尾関寿美男 研究紹介

材料科学の進展はめざましく,望まれる機能も自己集合や自己反応(自律反応)で自然にあるいは意図的に生まれる物質の構造や,物性,機能だけでは対応できなくなっている。 ミクロ単位でもつ特質や特性を,統計的平均化によって失わせず,マクロな単位で発揮させることが必要である。
これらを実現する手段の一つに外場がある。 流れ,電磁波,電場,重力などが単独にあるいは重畳して利用され,特性の向上や新規機能の付与が行われている。 このような状況の中にあって,磁場も物質・材料開発の有用なエネルギーであることが確かめられつつある。 私は,(i)磁場中での物質合成による構造制御,(ii)物質の磁場による構造―物性制御,(iii)磁気処理物質による構造規制と機能誘導などに磁場が利用し,低分子から高分子・ゲルに至る無機物質,有機物質およびそれらのハイブリッドなどの反磁性物質,水素吸蔵合金などの磁性物質,超反磁性物質(超伝導体)の他,半導体,絶縁体などの微粒子からバルク材の構造および物性制御を試みている. また,コロイド・界面現象の磁場制御を広く検討し,磁場下での界面科学,もっと大きくは磁気”科学”を確立することを目指している.

•S. Ozeki and I. Otsuka, “Transient Oxygen Clathrate-like Hydrate and Water Networks Induced by Magnetic Fields”, J. Phys. Chem. B, in press (Oct. 12th)がthe ACS News Service’s Weekly PressPac http://www.chemistry.org/news/presspac.html)に掲載されました。

•アメリカ化学会 The Journal of Physcal Chemistry B に掲載された論文 “Does Magnetic Treatment of Water Change Its Properties?” (Ichiro Otsuka, Sumio Ozeki, J. Phys.
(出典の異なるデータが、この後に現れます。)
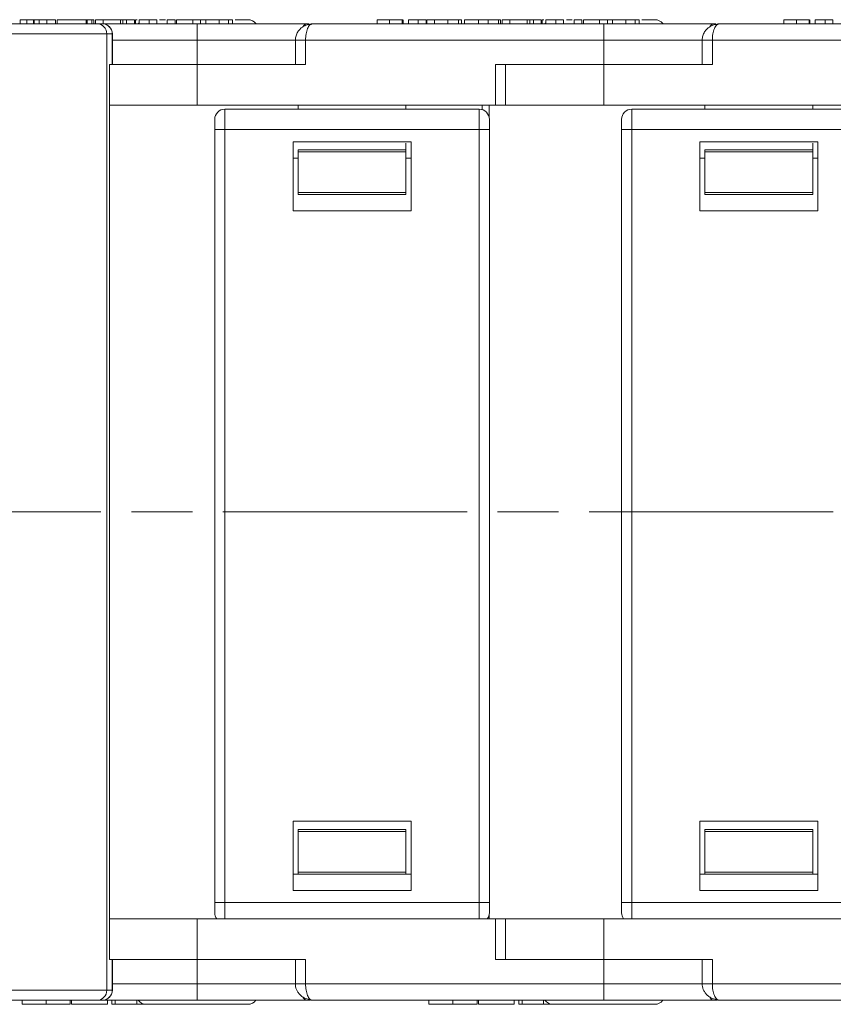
# Model space of a CAD drawing. Header units: millimetres. Extents: x 3578 to 4080, y -235 to 116.
# Tile 6 of 34: x 3844 to 3884, y -150 to -102. Entities that reach past the tile are written whole.
import ezdxf

# ---------------------------------------------------------------- set-up
doc = ezdxf.new("R2010")
doc.units = ezdxf.units.MM
doc.linetypes.add('ACAD_ISO08W100', pattern=[36, 24, -3, 6, -3])
doc.linetypes.add('CENTER', pattern=[0.6, 0.375, -0.075, 0.075, -0.075])
doc.layers.add('中心线', color=1, linetype='CENTER', lineweight=25)

msp = doc.modelspace()

# ---------------------------------------------------------------- linework, layer by layer
at = {"color": 7, "linetype": 'Continuous', "lineweight": 15}
for p, q in [((3843.738, -102.246), (3843.738, -102.046)), ((3844.067, -102.046), (3844.067, -102.246)), ((3844.067, -102.046), (3844.4, -102.046)), ((3844.4, -102.046), (3844.4, -102.246)), ((3844.4, -102.046), (3844.428, -102.046)), ((3844.428, -102.246), (3844.428, -102.046)), ((3844.667, -102.046), (3844.428, -102.046)), ((3844.667, -102.046), (3844.667, -102.246)), ((3845.048, -102.046), (3845.048, -102.246)), ((3845.476, -102.246), (3845.476, -102.046)), ((3845.476, -102.046), (3845.476, -102.246)), ((3845.553, -102.046), (3845.553, -102.246)), ((3846.988, -102.046), (3845.553, -102.046)), ((3846.988, -102.046), (3846.988, -102.246)), ((3847, -102.046), (3846.988, -102.046)), ((3847, -102.246), (3847, -102.046)), ((3847.024, -102.046), (3847, -102.046)), ((3847.024, -102.046), (3847.024, -102.246)), ((3847.036, -102.046), (3847.024, -102.046)), ((3847.036, -102.046), (3847.036, -102.246)), ((3847.197, -102.046), (3847.036, -102.046)), ((3847.357, -102.046), (3847.197, -102.046)), ((3847.258, -102.246), (3847.258, -102.046)), ((3847.357, -102.246), (3847.357, -102.046)), ((3847.821, -102.046), (3847.436, -102.046)), ((3847.436, -102.246), (3847.436, -102.046)), ((3847.821, -102.046), (3847.821, -102.246)), ((3848.667, -102.046), (3847.821, -102.046)), ((3848.667, -102.246), (3848.667, -102.046)), ((3848.795, -102.046), (3848.667, -102.046)), ((3848.795, -102.246), (3848.795, -102.046)), ((3848.973, -102.046), (3848.795, -102.046)), ((3848.973, -102.246), (3848.973, -102.046)), ((3849.358, -102.046), (3848.973, -102.046)), ((3849.358, -102.046), (3849.358, -102.246)), ((3849.404, -102.246), (3849.404, -102.046)), ((3849.588, -102.246), (3849.588, -102.046)), ((3849.982, -102.046), (3849.936, -102.046)), ((3850.075, -102.246), (3850.075, -102.046)), ((3850.075, -102.046), (3850.46, -102.046)), ((3850.46, -102.246), (3850.46, -102.046)), ((3850.971, -102.246), (3850.971, -102.046)), ((3851.356, -102.046), (3850.971, -102.046)), ((3851.356, -102.046), (3851.356, -102.246)), ((3851.432, -102.246), (3851.432, -102.046)), ((3852.226, -102.046), (3851.432, -102.046)), ((3852.226, -102.246), (3852.226, -102.046)), ((3852.611, -102.046), (3852.226, -102.046)), ((3852.611, -102.046), (3852.611, -102.246)), ((3852.867, -102.046), (3852.611, -102.046)), ((3852.867, -102.246), (3852.867, -102.046)), ((3853.52, -102.246), (3853.52, -102.046)), ((3853.976, -102.246), (3853.976, -102.046)), ((3854.174, -102.246), (3854.174, -102.046)), ((3861.287, -102.246), (3861.287, -102.046)), ((3861.905, -102.246), (3861.905, -102.046)), ((3862.525, -102.246), (3862.525, -102.046)), ((3862.548, -102.046), (3862.525, -102.046)), ((3862.569, -102.246), (3862.569, -102.046)), ((3862.824, -102.246), (3862.824, -102.046)), ((3863.311, -102.246), (3863.311, -102.046)), ((3863.311, -102.046), (3863.696, -102.046)), ((3863.696, -102.246), (3863.696, -102.046)), ((3863.738, -102.246), (3863.738, -102.046)), ((3864.105, -102.246), (3864.105, -102.046)), ((3864.573, -102.046), (3864.51, -102.046)), ((3864.76, -102.046), (3864.76, -102.246)), ((3865.297, -102.246), (3865.297, -102.046)), ((3865.439, -102.246), (3865.439, -102.046)), ((3865.591, -102.046), (3865.591, -102.246)), ((3865.591, -102.046), (3866.268, -102.046)), ((3866.268, -102.246), (3866.268, -102.046)), ((3867.197, -102.046), (3866.615, -102.046)), ((3866.753, -102.246), (3866.753, -102.046)), ((3867.357, -102.046), (3867.197, -102.046)), ((3867.258, -102.246), (3867.258, -102.046)), ((3867.357, -102.246), (3867.357, -102.046)), ((3867.821, -102.046), (3867.436, -102.046)), ((3867.436, -102.246), (3867.436, -102.046)), ((3867.821, -102.046), (3867.821, -102.246)), ((3868.667, -102.046), (3867.821, -102.046)), ((3868.667, -102.246), (3868.667, -102.046)), ((3868.795, -102.046), (3868.667, -102.046)), ((3868.795, -102.246), (3868.795, -102.046)), ((3868.973, -102.046), (3868.795, -102.046)), ((3868.973, -102.246), (3868.973, -102.046)), ((3869.358, -102.046), (3868.973, -102.046)), ((3869.358, -102.046), (3869.358, -102.246)), ((3869.404, -102.246), (3869.404, -102.046)), ((3869.588, -102.246), (3869.588, -102.046)), ((3869.982, -102.046), (3869.936, -102.046)), ((3870.075, -102.246), (3870.075, -102.046)), ((3870.075, -102.046), (3870.46, -102.046)), ((3870.46, -102.246), (3870.46, -102.046)), ((3871.356, -102.046), (3870.971, -102.046)), ((3870.971, -102.246), (3870.971, -102.046)), ((3871.356, -102.046), (3871.356, -102.246)), ((3871.432, -102.246), (3871.432, -102.046)), ((3872.226, -102.046), (3871.432, -102.046)), ((3872.226, -102.246), (3872.226, -102.046)), ((3872.611, -102.046), (3872.226, -102.046)), ((3872.611, -102.046), (3872.611, -102.246)), ((3872.867, -102.046), (3872.611, -102.046)), ((3872.867, -102.246), (3872.867, -102.046)), ((3873.52, -102.246), (3873.52, -102.046)), ((3873.976, -102.246), (3873.976, -102.046)), ((3874.174, -102.246), (3874.174, -102.046)), ((3881.287, -102.246), (3881.287, -102.046)), ((3881.905, -102.246), (3881.905, -102.046)), ((3882.525, -102.246), (3882.525, -102.046)), ((3882.548, -102.046), (3882.525, -102.046)), ((3882.569, -102.246), (3882.569, -102.046)), ((3882.824, -102.246), (3882.824, -102.046)), ((3883.311, -102.246), (3883.311, -102.046)), ((3883.311, -102.046), (3883.696, -102.046)), ((3883.696, -102.246), (3883.696, -102.046)), ((3847.52, -102.246), (3818.041, -102.246)), ((3847.769, -102.246), (3847.52, -102.246)), ((3852.436, -102.246), (3847.772, -102.246)), ((3852.436, -103.046), (3852.436, -102.246)), ((3858.107, -102.246), (3858.042, -102.276)), ((3872.436, -102.246), (3858.107, -102.246)), ((3872.436, -103.046), (3872.436, -102.246)), ((3878.107, -102.246), (3878.042, -102.276)), ((3892.436, -102.246), (3878.107, -102.246)), ((3818.022, -102.746), (3848.002, -102.746)), ((3848.002, -102.746), (3848.002, -149.746)), ((3848.002, -102.746), (3848.269, -102.746)), ((3848.269, -102.746), (3848.269, -104.246)), ((3848.272, -102.746), (3848.269, -102.746)), ((3848.272, -104.246), (3848.272, -102.746)), ((3848.272, -103.046), (3852.436, -103.046)), ((3852.436, -103.046), (3852.436, -104.246)), ((3857.318, -103.046), (3852.436, -103.046)), ((3857.272, -103.046), (3857.272, -104.246)), ((3857.772, -103.046), (3857.272, -103.046)), ((3857.772, -103.046), (3872.436, -103.046)), ((3857.772, -104.246), (3857.772, -103.046)), ((3872.436, -103.046), (3872.436, -104.246)), ((3877.298, -103.046), (3872.436, -103.046)), ((3877.272, -103.046), (3877.272, -104.246)), ((3877.772, -103.046), (3877.272, -103.046)), ((3877.772, -104.246), (3877.772, -103.046)), ((3877.772, -103.046), (3892.436, -103.046)), ((3848.131, -104.246), (3848.131, -148.246)), ((3848.269, -104.246), (3848.131, -104.246)), ((3848.272, -104.246), (3848.269, -104.246)), ((3848.272, -104.246), (3852.436, -104.246)), ((3852.436, -106.246), (3852.436, -104.246)), ((3852.436, -104.246), (3857.772, -104.246)), ((3867.101, -104.246), (3867.101, -106.246)), ((3867.101, -104.246), (3872.436, -104.246)), ((3867.601, -106.246), (3867.601, -104.246)), ((3872.436, -106.246), (3872.436, -104.246)), ((3872.436, -104.246), (3877.772, -104.246)), ((3852.436, -106.246), (3848.131, -106.246)), ((3867.101, -106.246), (3852.436, -106.246)), ((3853.806, -106.446), (3853.806, -107.446)), ((3866.306, -106.446), (3853.806, -106.446)), ((3857.406, -106.246), (3857.406, -106.446)), ((3862.706, -106.246), (3862.706, -106.446)), ((3866.306, -107.446), (3866.306, -106.446)), ((3866.453, -106.246), (3866.453, -106.468)), ((3866.792, -106.827), (3866.792, -106.246)), ((3867.101, -106.246), (3867.601, -106.246)), ((3872.436, -106.246), (3867.601, -106.246)), ((3887.101, -106.246), (3872.436, -106.246)), ((3873.806, -106.446), (3873.806, -107.446)), ((3886.306, -106.446), (3873.806, -106.446)), ((3877.406, -106.246), (3877.406, -106.446)), ((3882.706, -106.246), (3882.706, -106.446)), ((3853.806, -107.446), (3853.306, -107.446)), ((3853.306, -107.446), (3853.306, -145.446)), ((3853.806, -107.446), (3866.306, -107.446)), ((3853.806, -145.446), (3853.806, -107.446)), ((3866.806, -107.446), (3866.306, -107.446)), ((3866.306, -107.446), (3866.306, -145.446)), ((3866.806, -145.446), (3866.806, -107.446)), ((3873.806, -107.446), (3873.306, -107.446)), ((3873.306, -107.446), (3873.306, -145.446)), ((3873.806, -107.446), (3886.306, -107.446)), ((3873.806, -145.446), (3873.806, -107.446)), ((3862.956, -108.046), (3857.156, -108.046)), ((3857.156, -111.446), (3857.156, -108.046)), ((3862.706, -108.114), (3862.706, -108.446)), ((3862.956, -111.446), (3862.956, -108.046)), ((3882.956, -108.046), (3877.156, -108.046)), ((3877.156, -111.446), (3877.156, -108.046)), ((3882.706, -108.114), (3882.706, -108.446)), ((3882.956, -111.446), (3882.956, -108.046)), ((3857.156, -108.846), (3857.406, -108.846)), ((3862.706, -108.446), (3857.406, -108.446)), ((3857.406, -108.446), (3857.406, -108.546)), ((3862.706, -108.546), (3857.406, -108.546)), ((3857.406, -108.546), (3857.406, -110.546)), ((3862.706, -108.546), (3862.706, -108.446)), ((3862.706, -108.546), (3862.706, -110.546)), ((3862.706, -108.846), (3862.956, -108.846)), ((3877.156, -108.846), (3877.406, -108.846)), ((3882.706, -108.446), (3877.406, -108.446)), ((3877.406, -108.446), (3877.406, -108.546)), ((3882.706, -108.546), (3877.406, -108.546)), ((3877.406, -108.546), (3877.406, -110.546)), ((3882.706, -108.546), (3882.706, -108.446)), ((3882.706, -108.546), (3882.706, -110.546)), ((3882.706, -108.846), (3882.956, -108.846)), ((3857.406, -110.546), (3862.706, -110.546)), ((3857.406, -110.546), (3857.406, -110.646)), ((3857.406, -110.646), (3862.706, -110.646)), ((3862.706, -110.646), (3862.706, -110.546)), ((3877.406, -110.546), (3882.706, -110.546)), ((3877.406, -110.546), (3877.406, -110.646)), ((3877.406, -110.646), (3882.706, -110.646)), ((3882.706, -110.646), (3882.706, -110.546)), ((3862.956, -111.446), (3857.156, -111.446)), ((3882.956, -111.446), (3877.156, -111.446)), ((3857.156, -141.446), (3857.156, -144.846)), ((3857.156, -141.446), (3862.956, -141.446)), ((3862.956, -141.446), (3862.956, -144.846)), ((3877.156, -141.446), (3882.956, -141.446)), ((3877.156, -141.446), (3877.156, -144.846)), ((3882.956, -141.446), (3882.956, -144.846)), ((3862.706, -141.846), (3857.406, -141.846)), ((3857.406, -141.846), (3857.406, -141.946)), ((3862.706, -141.946), (3857.406, -141.946)), ((3857.406, -141.946), (3857.406, -143.946)), ((3862.706, -141.946), (3862.706, -141.846)), ((3862.706, -141.946), (3862.706, -143.946)), ((3882.706, -141.846), (3877.406, -141.846)), ((3877.406, -141.846), (3877.406, -141.946)), ((3882.706, -141.946), (3877.406, -141.946)), ((3877.406, -141.946), (3877.406, -143.946)), ((3882.706, -141.946), (3882.706, -141.846)), ((3882.706, -141.946), (3882.706, -143.946)), ((3857.406, -144.046), (3857.156, -144.046)), ((3857.406, -143.946), (3862.706, -143.946)), ((3857.406, -143.946), (3857.406, -144.046)), ((3857.406, -144.046), (3862.706, -144.046)), ((3862.706, -144.046), (3862.706, -143.946)), ((3862.956, -144.046), (3862.706, -144.046)), ((3877.406, -144.046), (3877.156, -144.046)), ((3877.406, -143.946), (3882.706, -143.946)), ((3877.406, -143.946), (3877.406, -144.046)), ((3877.406, -144.046), (3882.706, -144.046)), ((3882.706, -144.046), (3882.706, -143.946)), ((3882.956, -144.046), (3882.706, -144.046)), ((3857.156, -144.846), (3862.956, -144.846)), ((3877.156, -144.846), (3882.956, -144.846)), ((3853.306, -145.446), (3853.806, -145.446)), ((3866.306, -145.446), (3853.806, -145.446)), ((3853.806, -145.446), (3853.806, -146.246)), ((3866.306, -145.446), (3866.806, -145.446)), ((3866.306, -146.246), (3866.306, -145.446)), ((3873.306, -145.446), (3873.806, -145.446)), ((3886.306, -145.446), (3873.806, -145.446)), ((3873.806, -145.446), (3873.806, -146.246)), ((3866.792, -146.246), (3866.792, -146.066)), ((3848.131, -146.246), (3852.436, -146.246)), ((3852.436, -148.246), (3852.436, -146.246)), ((3852.436, -146.246), (3867.101, -146.246)), ((3867.101, -146.246), (3867.101, -148.246)), ((3867.601, -146.246), (3867.101, -146.246)), ((3867.601, -148.246), (3867.601, -146.246)), ((3867.601, -146.246), (3872.436, -146.246)), ((3872.436, -148.246), (3872.436, -146.246)), ((3872.436, -146.246), (3887.101, -146.246)), ((3848.131, -148.246), (3848.269, -148.246)), ((3848.269, -148.246), (3848.269, -149.746)), ((3848.269, -148.246), (3848.272, -148.246)), ((3848.272, -149.746), (3848.272, -148.246)), ((3848.272, -148.246), (3852.436, -148.246)), ((3852.436, -148.246), (3852.436, -149.446)), ((3857.772, -148.246), (3852.436, -148.246)), ((3857.272, -148.246), (3857.272, -149.446)), ((3857.772, -149.446), (3857.772, -148.246)), ((3867.101, -148.246), (3872.436, -148.246)), ((3877.772, -148.246), (3872.436, -148.246)), ((3872.436, -148.246), (3872.436, -149.446)), ((3877.272, -148.246), (3877.272, -149.446)), ((3877.772, -149.446), (3877.772, -148.246)), ((3852.436, -149.446), (3848.272, -149.446)), ((3852.436, -149.446), (3852.436, -150.246)), ((3852.436, -149.446), (3857.288, -149.446)), ((3857.272, -149.446), (3857.772, -149.446)), ((3872.436, -149.446), (3857.772, -149.446)), ((3872.436, -149.446), (3872.436, -150.246)), ((3872.436, -149.446), (3877.298, -149.446)), ((3877.272, -149.446), (3877.772, -149.446)), ((3892.436, -149.446), (3877.772, -149.446)), ((3848.002, -149.746), (3818.022, -149.746)), ((3848.269, -149.746), (3848.002, -149.746)), ((3848.269, -149.746), (3848.272, -149.746)), ((3818.041, -150.246), (3847.52, -150.246)), ((3843.834, -150.246), (3843.834, -150.446)), ((3845.016, -150.446), (3845.016, -150.246)), ((3846.206, -150.246), (3846.206, -150.446)), ((3846.268, -150.446), (3846.268, -150.246)), ((3846.268, -150.446), (3848.03, -150.446)), ((3847.52, -150.246), (3847.769, -150.246)), ((3847.772, -150.246), (3852.436, -150.246)), ((3848.03, -150.246), (3848.03, -150.446)), ((3848.253, -150.246), (3848.253, -150.446)), ((3848.253, -150.446), (3848.413, -150.446)), ((3848.413, -150.246), (3848.413, -150.446)), ((3848.413, -150.446), (3849.471, -150.446)), ((3849.471, -150.446), (3849.471, -150.246)), ((3849.471, -150.446), (3849.951, -150.446)), ((3858.107, -150.246), (3872.436, -150.246)), ((3863.834, -150.246), (3863.834, -150.446)), ((3865.016, -150.446), (3865.016, -150.246)), ((3866.206, -150.246), (3866.206, -150.446)), ((3866.268, -150.446), (3866.268, -150.246)), ((3866.268, -150.446), (3868.03, -150.446)), ((3868.03, -150.246), (3868.03, -150.446)), ((3868.253, -150.246), (3868.253, -150.446)), ((3868.253, -150.446), (3868.413, -150.446)), ((3868.413, -150.246), (3868.413, -150.446)), ((3868.413, -150.446), (3869.471, -150.446)), ((3869.471, -150.446), (3869.471, -150.246)), ((3869.471, -150.446), (3869.951, -150.446)), ((3878.107, -150.246), (3892.436, -150.246))]:
    msp.add_line(p, q, dxfattribs=at)
at = {"color": 7, "linetype": 'Continuous', "lineweight": 15, "flags": 128}
for points in [[(3849.588, -102.188), (3849.583, -102.193), (3849.536, -102.246)], [(3858.107, -102.246), (3858.042, -102.256), (3858.008, -102.269)], [(3869.588, -102.188), (3869.583, -102.193), (3869.536, -102.246)], [(3878.107, -102.246), (3878.042, -102.256), (3878.008, -102.269)], [(3858.013, -150.226), (3858.042, -150.237), (3858.107, -150.246)], [(3878.013, -150.226), (3878.042, -150.237), (3878.107, -150.246)]]:
    msp.add_lwpolyline(points, dxfattribs=at)
at = {"color": 7, "linetype": 'Continuous', "lineweight": 15}
for centre, radius, start, end in [((3854.936, -102.546), 0.5, 37.7178, 90), ((3874.936, -102.546), 0.5, 37.7178, 90), ((3847.769, -102.746), 0.5, 359.9805, 89.9804), ((3847.772, -102.746), 0.5, 0, 90), ((3857.884, -102.489), 0.255, 113.2095, 157.7351), ((3877.884, -102.489), 0.255, 113.2095, 157.7351), ((3853.806, -106.946), 0.5, 90, 180), ((3866.306, -106.946), 0.5, 360, 90), ((3873.806, -106.946), 0.5, 90, 180), ((3853.806, -145.946), 0.5, 180, 216.8699), ((3866.306, -145.946), 0.5, 323.1301, 360), ((3873.806, -145.946), 0.5, 180, 216.8699), ((3847.769, -149.747), 0.5, 270.0196, 0.0195), ((3847.772, -149.746), 0.5, 270, 0), ((3849.936, -149.946), 0.5, 216.8699, 270), ((3854.936, -149.946), 0.5, 270, 322.4694), ((3857.878, -149.999), 0.252, 201.5173, 259.1604), ((3869.936, -149.946), 0.5, 216.8699, 270), ((3874.936, -149.946), 0.5, 270, 322.4694), ((3877.878, -149.999), 0.252, 201.5173, 259.1604)]:
    msp.add_arc(centre, radius, start, end, dxfattribs=at)
for centre, start_param, end_param in [((3847.52, -102.746), 1.570796, 3.141593), ((3847.52, -149.746), 0, 1.570796)]:
    msp.add_ellipse(centre, major_axis=(0, -0.5), ratio=0.962384, start_param=start_param, end_param=end_param, dxfattribs=at)
for points, knots in [([(3844.105, -102.046), (3844.073, -102.046), (3843.974, -102.046), (3843.847, -102.046), (3843.751, -102.046), (3843.742, -102.046), (3843.738, -102.046)], [0, 0, 0, 0, 0.123656, 0.374684, 0.666245, 1, 1, 1, 1]), ([(3845.048, -102.046), (3845.032, -102.046), (3844.999, -102.046), (3844.949, -102.046), (3844.899, -102.046), (3844.835, -102.046), (3844.758, -102.046), (3844.697, -102.046), (3844.667, -102.046)], [0, 0, 0, 0, 0.1306689, 0.2616352, 0.3923112, 0.5231243, 0.7614614, 1, 1, 1, 1]), ([(3845.476, -102.046), (3845.468, -102.046), (3845.453, -102.046), (3845.344, -102.046), (3845.206, -102.046), (3845.097, -102.046), (3845.048, -102.046)], [0, 0, 0, 0, 0.321413, 0.564125, 0.808245, 1, 1, 1, 1]), ([(3847.071, -102.046), (3847.076, -102.046), (3847.128, -102.046), (3847.193, -102.046), (3847.251, -102.046), (3847.256, -102.046), (3847.258, -102.046)], [0, 0, 0, 0, 0.0379426, 0.3884363, 0.772965, 1, 1, 1, 1]), ([(3849.491, -102.046), (3849.479, -102.046), (3849.406, -102.046), (3849.405, -102.046), (3849.404, -102.046)], [0, 0, 0, 0, 0.158241, 1, 1, 1, 1]), ([(3849.588, -102.046), (3849.649, -102.046), (3849.77, -102.046), (3849.935, -102.046), (3850.028, -102.046), (3850.075, -102.046)], [0, 0, 0, 0, 0.340777, 0.666506, 1, 1, 1, 1]), ([(3850.879, -102.046), (3850.804, -102.046), (3850.697, -102.046), (3850.617, -102.046), (3850.593, -102.046)], [0, 0, 0, 0, 0.693123, 1, 1, 1, 1]), ([(3853.52, -102.046), (3853.452, -102.046), (3853.322, -102.046), (3853.149, -102.046), (3853.013, -102.046), (3852.878, -102.046), (3852.871, -102.046), (3852.866, -102.046)], [0, 0, 0, 0, 0.147573, 0.284708, 0.42143, 0.569087, 1, 1, 1, 1]), ([(3853.976, -102.046), (3853.954, -102.046), (3853.909, -102.046), (3853.826, -102.046), (3853.736, -102.046), (3853.653, -102.046), (3853.581, -102.046), (3853.54, -102.046), (3853.52, -102.046)], [0, 0, 0, 0, 0.193766, 0.39358, 0.576637, 0.765409, 0.88229, 1, 1, 1, 1]), ([(3854.174, -102.046), (3854.173, -102.046), (3854.171, -102.046), (3854.15, -102.046), (3854.12, -102.046), (3854.088, -102.046), (3854.043, -102.046), (3853.998, -102.046), (3853.976, -102.046)], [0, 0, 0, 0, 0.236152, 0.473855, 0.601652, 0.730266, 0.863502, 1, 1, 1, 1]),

Chem. B, 2006, 110, 1509.) が同誌の2006年1月~3月期のLetter部門 Most-Accessed Article 1位となりました。
(→http://pubs.acs.org/journals/jpcbfk/promo/most_accessed/index.html)

•論文 “Does Magnetic Treatment of Water Change Its Properties?” (Ichiro Otsuka, Sumio Ozeki, J. Phys. Chem. B, 2006, 110, 1509.)がNature (2006, 439, 246)のResearch Highlightsに”Weird water (奇妙な水)”というタイトルで紹介されました。